HRW: Continúa el riesgo de secuestros en las escuelas de Nigeria 10 años después de Chibok
Lagos, 11 abr (EFE).- Las autoridades de Nigeria no han desarrollado todavía medidas efectivas para garantizar la seguridad de las escuelas frente a la creciente ola de secuestros a la que ...
Lagos, 11 abr (EFE).- Las autoridades de Nigeria no han desarrollado todavía medidas efectivas para garantizar la seguridad de las escuelas frente a la creciente ola de secuestros a la que se enfrenta el país una década después del rapto de 276 niñas en el pueblo de Chibok, lamentó este jueves la organización Human Rights Watch (HRW).

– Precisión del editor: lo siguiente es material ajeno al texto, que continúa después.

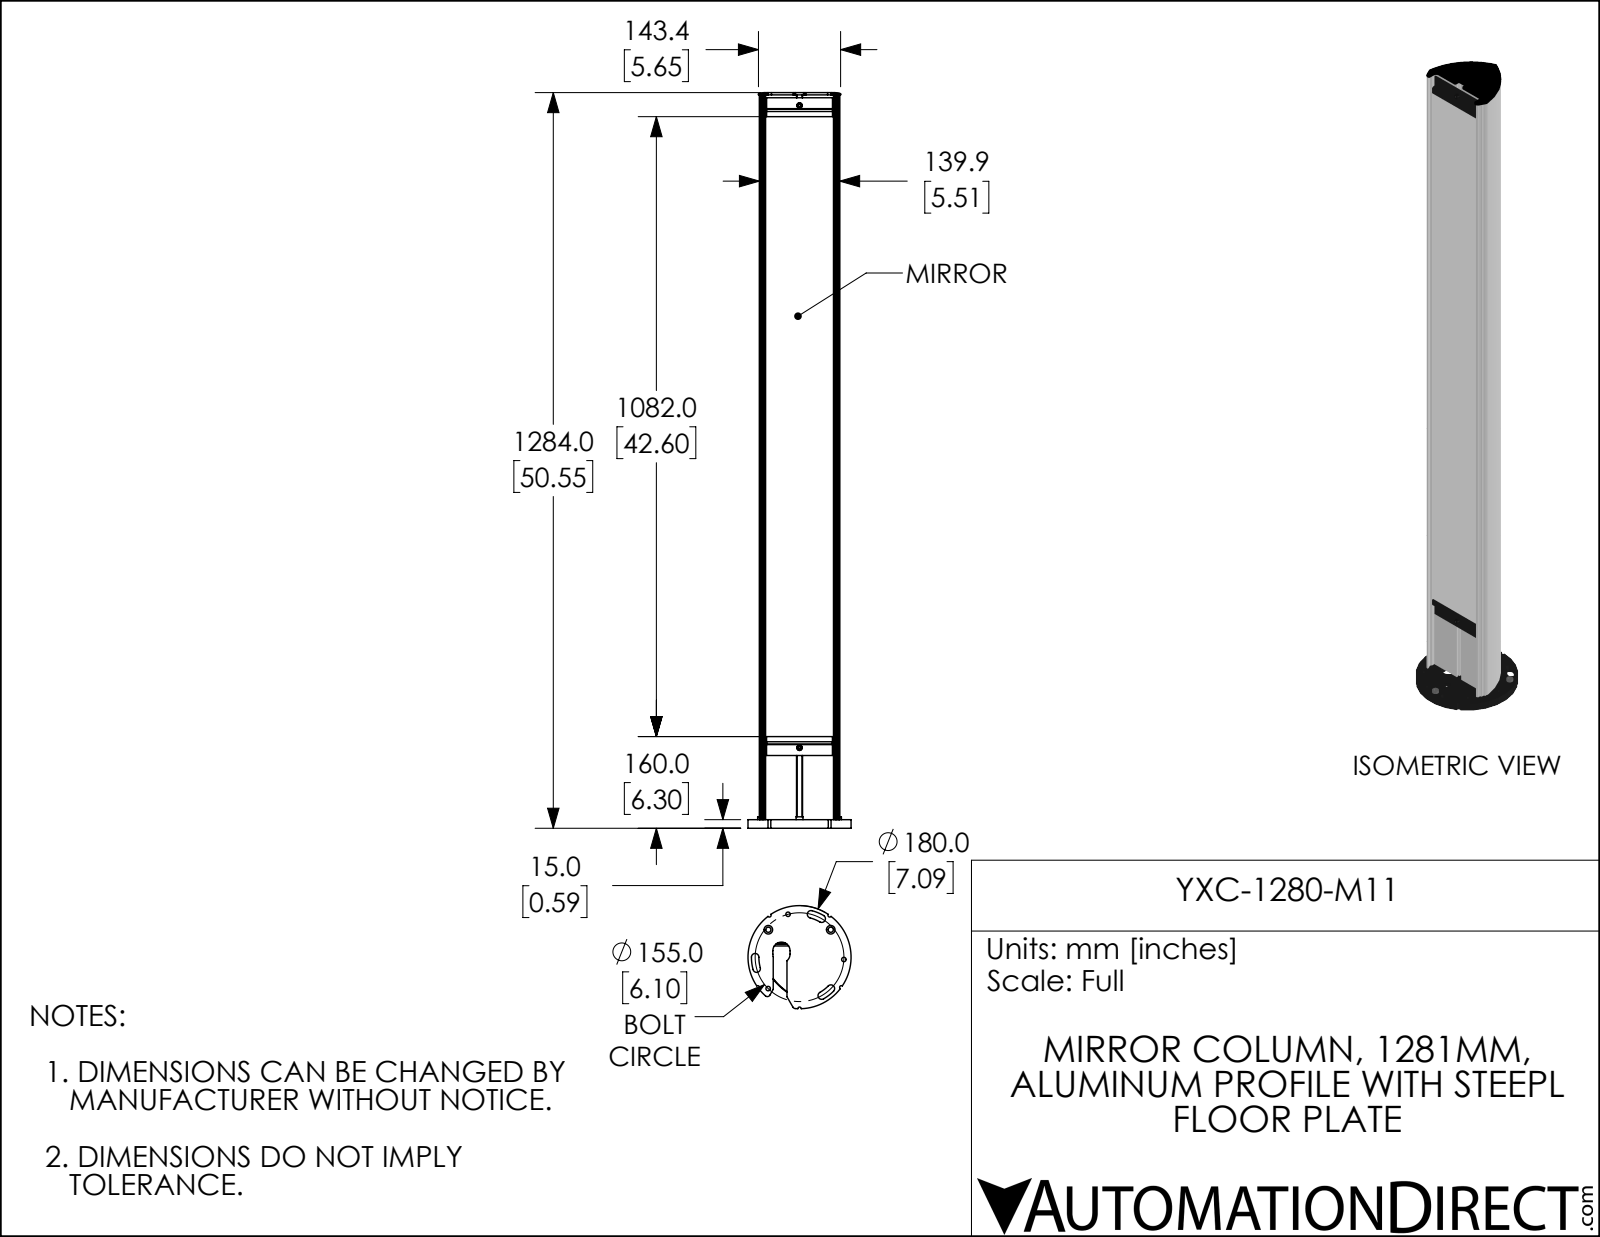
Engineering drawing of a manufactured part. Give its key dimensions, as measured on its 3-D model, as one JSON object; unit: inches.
{"part_name": "YXC-1280-M11", "step_written_by": "SolidWorks 2019 (AUTOMOTIVE_DESIGN)", "units": "inches", "bodies": {"solids": 1, "faces": 290, "planar": 187, "cylindrical": 88, "other": 15}, "overall_size": [50.551, 7.087, 7.085], "volume_in3": 745.7, "surface_area_in2": 1073, "round_holes": [[0.307, 3], [0.591, 3], [0.354, 2], [0.173, 1]], "round_bosses_or_shafts": [[0.472, 3], [0.374, 2], [0.335, 2], [7.087, 1]], "partial_cylinders_radius": [[0.118, 9], [0.256, 6], [0.236, 5], [0.039, 4], [0.052, 4], [4.685, 4], [0.197, 3], [0.052, 2]], "face_to_face_distances": [0.157, 0.118, 0.591, 0.335, 0.492, 0.453, 0.098, 50.551, 49.961, 0.382], "hole_center_spacings": [2.146, 1.255, 1.257, 1.722, 2.235, 3.121, 3.717, 3.719]}
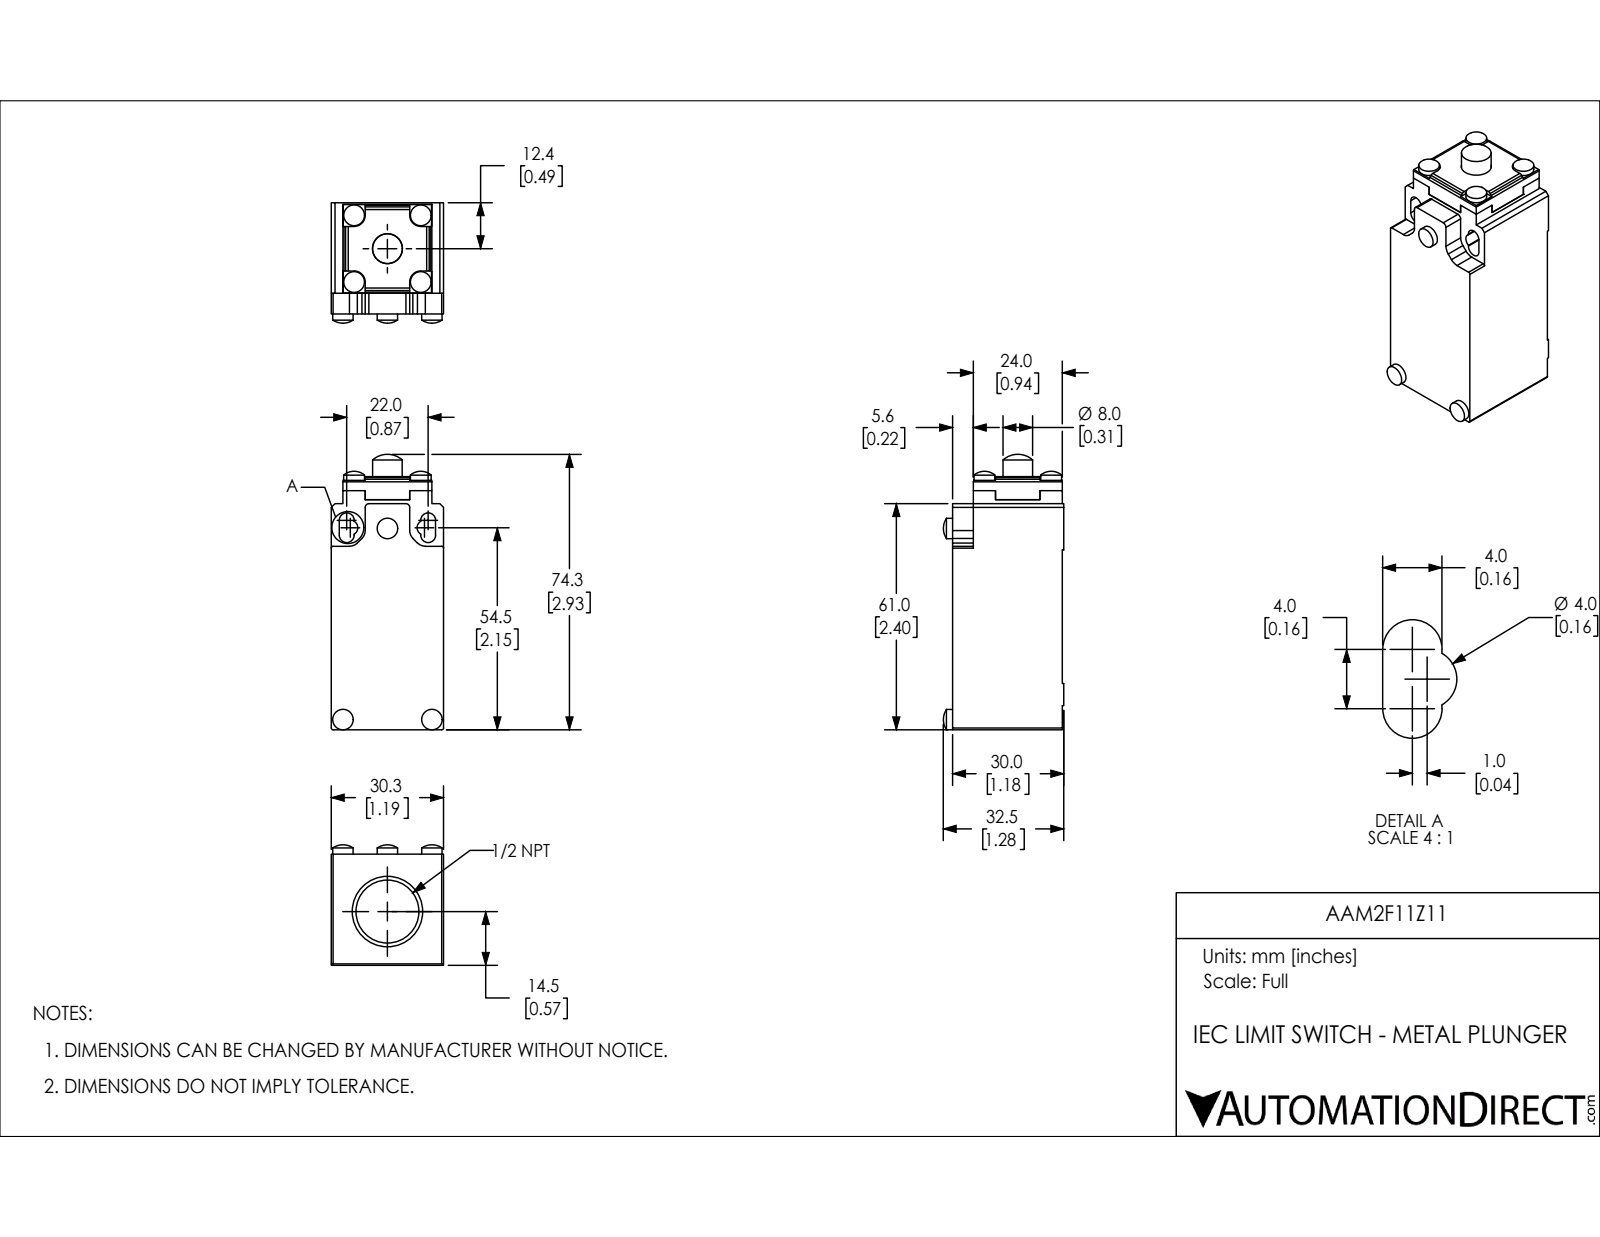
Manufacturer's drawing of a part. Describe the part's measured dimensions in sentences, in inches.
The part is named "AAM2F11Z11". Its 3-D file was written by "SolidWorks 2018 (AUTOMOTIVE_DESIGN)". It is 3 solids with 173 faces: 80 planar, 78 cylindrical and 15 other. Overall it measures 2.925 by 1.28 by 1.193 inches. Its volume is 3.382 cubic inches and its surface area 20.06 square inches. Round holes: 1 of diameter 0.319, 1 of diameter 0.669, 1 of diameter 0.748. Round bosses or shafts: 4 of diameter 0.22, 3 of diameter 0.217, 1 of diameter 0.315. Partial cylindrical surfaces (rounded edges, fillets, slot ends): 10 of radius 0.039, 8 of radius 0.118, 6 of radius 0.079, 4 of radius 0.02, 1 of radius 0.394, 1 of radius 0.4. The main face-to-face distances are 1.193, 1.165, 0.016, 1.181, 0.236, 2.444, 0.945, 2.445, 2.689, 0.245. The hole center spacings are 0.083.

"Para muchos niños en el norte de Nigeria, el seguimiento de una educación significa enfrentarse a la amenaza constante de secuestro", dijo en un comunicado Anietie Ewang, investigadora para Nigeria de HRW, días antes del décimo aniversario el próximo domingo de los hechos de Chibok, que conmocionaron al país y al mundo y dieron lugar a una compaña global para la liberación de las menores secuestradas.
Según datos de la ONG Save the Children, recordó HRW, más de 1.600 menores han sido secuestrados desde 2014 en el norte de Nigeria.
En esa zona, operan tanto el grupo yihadista Boko Haram y su facción Estado Islámico de la Provincia de África Occidental (ISWAP) en el noreste, como "bandidos" en el noroeste, término usado para nombrar a las bandas criminales que cometen asaltos y secuestros masivos para exigir cuantiosos rescates.
Tras los sucesos de Chibok, el Gobierno nigeriano respaldó un compromiso político internacional para proteger la educación y evitar el uso militar de las escuelas que pueda convertirlas en blancos de violencia, además de lanzar una iniciativa con unos fondos iniciales de diez millones de dólares para hacer más seguros los centros educativos.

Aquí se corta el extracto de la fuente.